> _Task input_
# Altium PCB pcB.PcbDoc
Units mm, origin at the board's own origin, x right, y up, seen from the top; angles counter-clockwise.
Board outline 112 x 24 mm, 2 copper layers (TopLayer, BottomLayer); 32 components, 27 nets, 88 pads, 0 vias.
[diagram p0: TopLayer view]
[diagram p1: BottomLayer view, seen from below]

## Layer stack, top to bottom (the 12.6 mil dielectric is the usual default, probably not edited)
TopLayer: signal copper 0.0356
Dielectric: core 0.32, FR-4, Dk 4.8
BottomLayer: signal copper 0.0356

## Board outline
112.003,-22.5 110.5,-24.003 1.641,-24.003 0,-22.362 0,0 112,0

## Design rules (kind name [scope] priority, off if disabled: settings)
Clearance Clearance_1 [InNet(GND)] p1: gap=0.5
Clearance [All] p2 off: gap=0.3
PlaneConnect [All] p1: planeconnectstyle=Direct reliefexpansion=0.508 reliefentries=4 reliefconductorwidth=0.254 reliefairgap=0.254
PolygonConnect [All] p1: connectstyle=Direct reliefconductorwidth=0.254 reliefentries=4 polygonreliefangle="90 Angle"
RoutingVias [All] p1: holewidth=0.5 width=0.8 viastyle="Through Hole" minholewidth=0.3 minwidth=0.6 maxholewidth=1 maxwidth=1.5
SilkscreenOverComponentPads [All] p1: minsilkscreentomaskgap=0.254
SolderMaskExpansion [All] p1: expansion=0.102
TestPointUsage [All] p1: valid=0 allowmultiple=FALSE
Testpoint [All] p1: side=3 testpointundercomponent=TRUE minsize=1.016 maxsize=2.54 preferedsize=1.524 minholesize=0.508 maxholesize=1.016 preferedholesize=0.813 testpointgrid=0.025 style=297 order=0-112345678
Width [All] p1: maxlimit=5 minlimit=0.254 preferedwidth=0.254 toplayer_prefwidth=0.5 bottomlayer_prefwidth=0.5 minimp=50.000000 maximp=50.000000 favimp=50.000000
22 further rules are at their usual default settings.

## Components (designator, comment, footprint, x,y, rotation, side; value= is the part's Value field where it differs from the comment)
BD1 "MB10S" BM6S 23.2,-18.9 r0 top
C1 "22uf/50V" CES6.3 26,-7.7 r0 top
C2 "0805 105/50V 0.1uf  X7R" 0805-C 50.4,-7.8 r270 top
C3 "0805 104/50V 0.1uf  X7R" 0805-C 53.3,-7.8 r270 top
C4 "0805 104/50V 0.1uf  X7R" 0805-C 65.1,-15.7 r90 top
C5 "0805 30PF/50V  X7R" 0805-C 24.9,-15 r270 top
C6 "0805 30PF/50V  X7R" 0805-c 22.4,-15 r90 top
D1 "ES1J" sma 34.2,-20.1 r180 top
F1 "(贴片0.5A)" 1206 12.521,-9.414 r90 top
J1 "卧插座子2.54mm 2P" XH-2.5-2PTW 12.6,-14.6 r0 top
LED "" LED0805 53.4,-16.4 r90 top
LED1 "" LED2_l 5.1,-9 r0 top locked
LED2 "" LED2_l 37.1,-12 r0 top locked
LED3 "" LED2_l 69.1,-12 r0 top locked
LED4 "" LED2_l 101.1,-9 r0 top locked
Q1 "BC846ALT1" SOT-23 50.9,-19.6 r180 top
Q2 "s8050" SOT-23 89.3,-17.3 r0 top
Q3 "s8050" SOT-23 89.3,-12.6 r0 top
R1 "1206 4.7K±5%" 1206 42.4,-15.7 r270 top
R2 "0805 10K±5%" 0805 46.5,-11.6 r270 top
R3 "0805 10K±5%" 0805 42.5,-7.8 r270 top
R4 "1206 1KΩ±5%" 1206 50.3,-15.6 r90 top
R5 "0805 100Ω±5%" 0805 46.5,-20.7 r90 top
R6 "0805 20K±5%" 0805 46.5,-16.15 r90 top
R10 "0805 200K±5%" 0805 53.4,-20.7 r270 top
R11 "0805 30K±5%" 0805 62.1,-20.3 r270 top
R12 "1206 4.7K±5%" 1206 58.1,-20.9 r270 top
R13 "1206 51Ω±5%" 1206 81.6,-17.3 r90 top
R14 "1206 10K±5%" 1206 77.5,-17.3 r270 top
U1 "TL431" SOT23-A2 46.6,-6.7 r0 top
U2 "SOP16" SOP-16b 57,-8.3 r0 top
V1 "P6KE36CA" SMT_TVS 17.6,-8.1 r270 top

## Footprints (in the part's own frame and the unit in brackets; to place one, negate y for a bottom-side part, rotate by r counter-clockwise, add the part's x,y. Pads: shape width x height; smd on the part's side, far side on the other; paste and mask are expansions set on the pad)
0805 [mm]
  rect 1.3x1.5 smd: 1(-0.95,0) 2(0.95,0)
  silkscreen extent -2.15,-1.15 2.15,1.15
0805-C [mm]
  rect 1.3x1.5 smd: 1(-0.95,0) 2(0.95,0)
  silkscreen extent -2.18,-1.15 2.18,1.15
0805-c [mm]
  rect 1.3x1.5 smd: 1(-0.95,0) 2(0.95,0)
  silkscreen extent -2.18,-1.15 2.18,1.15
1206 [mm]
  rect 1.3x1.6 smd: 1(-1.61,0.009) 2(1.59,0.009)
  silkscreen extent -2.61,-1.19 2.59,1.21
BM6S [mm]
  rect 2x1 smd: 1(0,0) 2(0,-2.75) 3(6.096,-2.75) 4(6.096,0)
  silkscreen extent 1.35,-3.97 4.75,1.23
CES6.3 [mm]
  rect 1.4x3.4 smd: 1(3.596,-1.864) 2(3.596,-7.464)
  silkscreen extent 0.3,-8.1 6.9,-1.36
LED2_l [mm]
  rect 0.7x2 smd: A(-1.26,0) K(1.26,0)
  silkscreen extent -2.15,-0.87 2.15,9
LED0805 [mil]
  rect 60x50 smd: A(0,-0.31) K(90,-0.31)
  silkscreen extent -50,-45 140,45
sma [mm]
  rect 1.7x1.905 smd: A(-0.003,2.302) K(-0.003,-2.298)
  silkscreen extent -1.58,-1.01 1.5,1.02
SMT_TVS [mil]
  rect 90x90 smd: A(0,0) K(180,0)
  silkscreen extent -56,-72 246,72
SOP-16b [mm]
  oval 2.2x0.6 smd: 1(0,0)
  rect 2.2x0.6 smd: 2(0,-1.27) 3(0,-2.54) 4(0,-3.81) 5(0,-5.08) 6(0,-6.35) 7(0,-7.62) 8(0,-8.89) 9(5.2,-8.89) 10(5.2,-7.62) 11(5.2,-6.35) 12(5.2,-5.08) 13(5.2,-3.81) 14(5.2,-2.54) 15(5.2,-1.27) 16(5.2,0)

> _Task item_
Every line from above should appear again in the answer, exactly as written.

> _Exercise result_
# Altium PCB pcB.PcbDoc
Units mm, origin at the board's own origin, x right, y up, seen from the top; angles counter-clockwise.
Board outline 112 x 24 mm, 2 copper layers (TopLayer, BottomLayer); 32 components, 27 nets, 88 pads, 0 vias.
[diagram p0: TopLayer view]
[diagram p1: BottomLayer view, seen from below]

## Layer stack, top to bottom (the 12.6 mil dielectric is the usual default, probably not edited)
TopLayer: signal copper 0.0356
Dielectric: core 0.32, FR-4, Dk 4.8
BottomLayer: signal copper 0.0356

## Board outline
112.003,-22.5 110.5,-24.003 1.641,-24.003 0,-22.362 0,0 112,0

## Design rules (kind name [scope] priority, off if disabled: settings)
Clearance Clearance_1 [InNet(GND)] p1: gap=0.5
Clearance [All] p2 off: gap=0.3
PlaneConnect [All] p1: planeconnectstyle=Direct reliefexpansion=0.508 reliefentries=4 reliefconductorwidth=0.254 reliefairgap=0.254
PolygonConnect [All] p1: connectstyle=Direct reliefconductorwidth=0.254 reliefentries=4 polygonreliefangle="90 Angle"
RoutingVias [All] p1: holewidth=0.5 width=0.8 viastyle="Through Hole" minholewidth=0.3 minwidth=0.6 maxholewidth=1 maxwidth=1.5
SilkscreenOverComponentPads [All] p1: minsilkscreentomaskgap=0.254
SolderMaskExpansion [All] p1: expansion=0.102
TestPointUsage [All] p1: valid=0 allowmultiple=FALSE
Testpoint [All] p1: side=3 testpointundercomponent=TRUE minsize=1.016 maxsize=2.54 preferedsize=1.524 minholesize=0.508 maxholesize=1.016 preferedholesize=0.813 testpointgrid=0.025 style=297 order=0-112345678
Width [All] p1: maxlimit=5 minlimit=0.254 preferedwidth=0.254 toplayer_prefwidth=0.5 bottomlayer_prefwidth=0.5 minimp=50.000000 maximp=50.000000 favimp=50.000000
22 further rules are at their usual default settings.

## Components (designator, comment, footprint, x,y, rotation, side; value= is the part's Value field where it differs from the comment)
BD1 "MB10S" BM6S 23.2,-18.9 r0 top
C1 "22uf/50V" CES6.3 26,-7.7 r0 top
C2 "0805 105/50V 0.1uf  X7R" 0805-C 50.4,-7.8 r270 top
C3 "0805 104/50V 0.1uf  X7R" 0805-C 53.3,-7.8 r270 top
C4 "0805 104/50V 0.1uf  X7R" 0805-C 65.1,-15.7 r90 top
C5 "0805 30PF/50V  X7R" 0805-C 24.9,-15 r270 top
C6 "0805 30PF/50V  X7R" 0805-c 22.4,-15 r90 top
D1 "ES1J" sma 34.2,-20.1 r180 top
F1 "(贴片0.5A)" 1206 12.521,-9.414 r90 top
J1 "卧插座子2.54mm 2P" XH-2.5-2PTW 12.6,-14.6 r0 top
LED "" LED0805 53.4,-16.4 r90 top
LED1 "" LED2_l 5.1,-9 r0 top locked
LED2 "" LED2_l 37.1,-12 r0 top locked
LED3 "" LED2_l 69.1,-12 r0 top locked
LED4 "" LED2_l 101.1,-9 r0 top locked
Q1 "BC846ALT1" SOT-23 50.9,-19.6 r180 top
Q2 "s8050" SOT-23 89.3,-17.3 r0 top
Q3 "s8050" SOT-23 89.3,-12.6 r0 top
R1 "1206 4.7K±5%" 1206 42.4,-15.7 r270 top
R2 "0805 10K±5%" 0805 46.5,-11.6 r270 top
R3 "0805 10K±5%" 0805 42.5,-7.8 r270 top
R4 "1206 1KΩ±5%" 1206 50.3,-15.6 r90 top
R5 "0805 100Ω±5%" 0805 46.5,-20.7 r90 top
R6 "0805 20K±5%" 0805 46.5,-16.15 r90 top
R10 "0805 200K±5%" 0805 53.4,-20.7 r270 top
R11 "0805 30K±5%" 0805 62.1,-20.3 r270 top
R12 "1206 4.7K±5%" 1206 58.1,-20.9 r270 top
R13 "1206 51Ω±5%" 1206 81.6,-17.3 r90 top
R14 "1206 10K±5%" 1206 77.5,-17.3 r270 top
U1 "TL431" SOT23-A2 46.6,-6.7 r0 top
U2 "SOP16" SOP-16b 57,-8.3 r0 top
V1 "P6KE36CA" SMT_TVS 17.6,-8.1 r270 top

## Footprints (in the part's own frame and the unit in brackets; to place one, negate y for a bottom-side part, rotate by r counter-clockwise, add the part's x,y. Pads: shape width x height; smd on the part's side, far side on the other; paste and mask are expansions set on the pad)
0805 [mm]
  rect 1.3x1.5 smd: 1(-0.95,0) 2(0.95,0)
  silkscreen extent -2.15,-1.15 2.15,1.15
0805-C [mm]
  rect 1.3x1.5 smd: 1(-0.95,0) 2(0.95,0)
  silkscreen extent -2.18,-1.15 2.18,1.15
0805-c [mm]
  rect 1.3x1.5 smd: 1(-0.95,0) 2(0.95,0)
  silkscreen extent -2.18,-1.15 2.18,1.15
1206 [mm]
  rect 1.3x1.6 smd: 1(-1.61,0.009) 2(1.59,0.009)
  silkscreen extent -2.61,-1.19 2.59,1.21
BM6S [mm]
  rect 2x1 smd: 1(0,0) 2(0,-2.75) 3(6.096,-2.75) 4(6.096,0)
  silkscreen extent 1.35,-3.97 4.75,1.23
CES6.3 [mm]
  rect 1.4x3.4 smd: 1(3.596,-1.864) 2(3.596,-7.464)
  silkscreen extent 0.3,-8.1 6.9,-1.36
LED2_l [mm]
  rect 0.7x2 smd: A(-1.26,0) K(1.26,0)
  silkscreen extent -2.15,-0.87 2.15,9
LED0805 [mil]
  rect 60x50 smd: A(0,-0.31) K(90,-0.31)
  silkscreen extent -50,-45 140,45
sma [mm]
  rect 1.7x1.905 smd: A(-0.003,2.302) K(-0.003,-2.298)
  silkscreen extent -1.58,-1.01 1.5,1.02
SMT_TVS [mil]
  rect 90x90 smd: A(0,0) K(180,0)
  silkscreen extent -56,-72 246,72
SOP-16b [mm]
  oval 2.2x0.6 smd: 1(0,0)
  rect 2.2x0.6 smd: 2(0,-1.27) 3(0,-2.54) 4(0,-3.81) 5(0,-5.08) 6(0,-6.35) 7(0,-7.62) 8(0,-8.89) 9(5.2,-8.89) 10(5.2,-7.62) 11(5.2,-6.35) 12(5.2,-5.08) 13(5.2,-3.81) 14(5.2,-2.54) 15(5.2,-1.27) 16(5.2,0)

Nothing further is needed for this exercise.